▶ Problem statement: Go through the records, and copy each line in which the string "Rotation" is present.

▶ Records for this task:
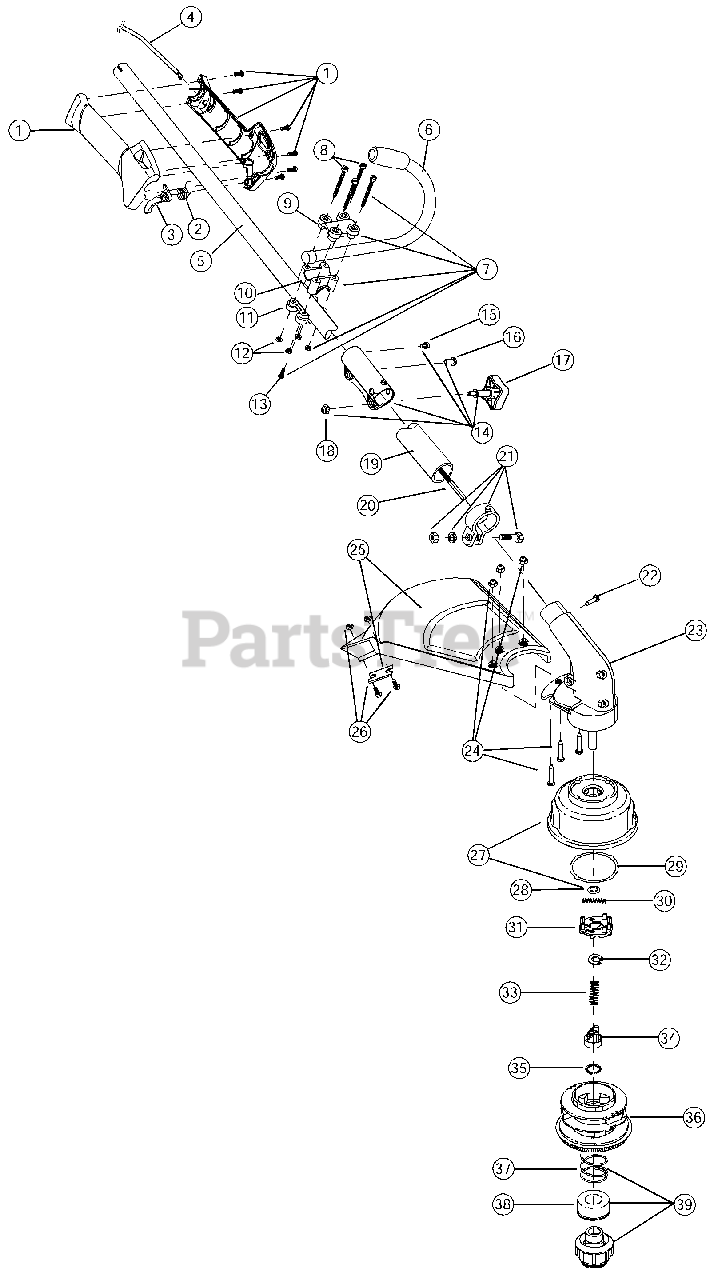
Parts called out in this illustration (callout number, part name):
1	Throttle Housing & Trigger Assembly
2	Throttle Trigger Spring
3	Throttle Trigger
4	Throttle Cable Assembly
5	Upper Drive Shaft Housing Assembly
6	J-Handle Assembly
7	Handle Bracket Assembly
9	Upper Handle Clamp
10	Middle Handle Clamp
11	Lower Handle Clamp
13	Anti-Rotation Screw
14	Split-Boom Coupler
17	Adjustment Knob
18	Knob Retaining Nut
19	Lower Drive Shaft Housing Assembly
20	Lower Flexible Drive Shaft
21	Lower Clamp Assembly
22	Anti-Rotation Screw
23	Gearbox Assembly
24	Shield Mounting Hardware
25	Shield and Blade Assembly
26	Blade Assembly
27	Outer Spool Assembly
28	Retainer
29	Thrust Washer
30	Small Spring
31	Slider
34	Plunger
36	Inner Reel
37	Large Spring
38	Foam Seal & Washer
39	Bumb Head Knob Assembly

▶ Solution:
13	Anti-Rotation Screw
22	Anti-Rotation Screw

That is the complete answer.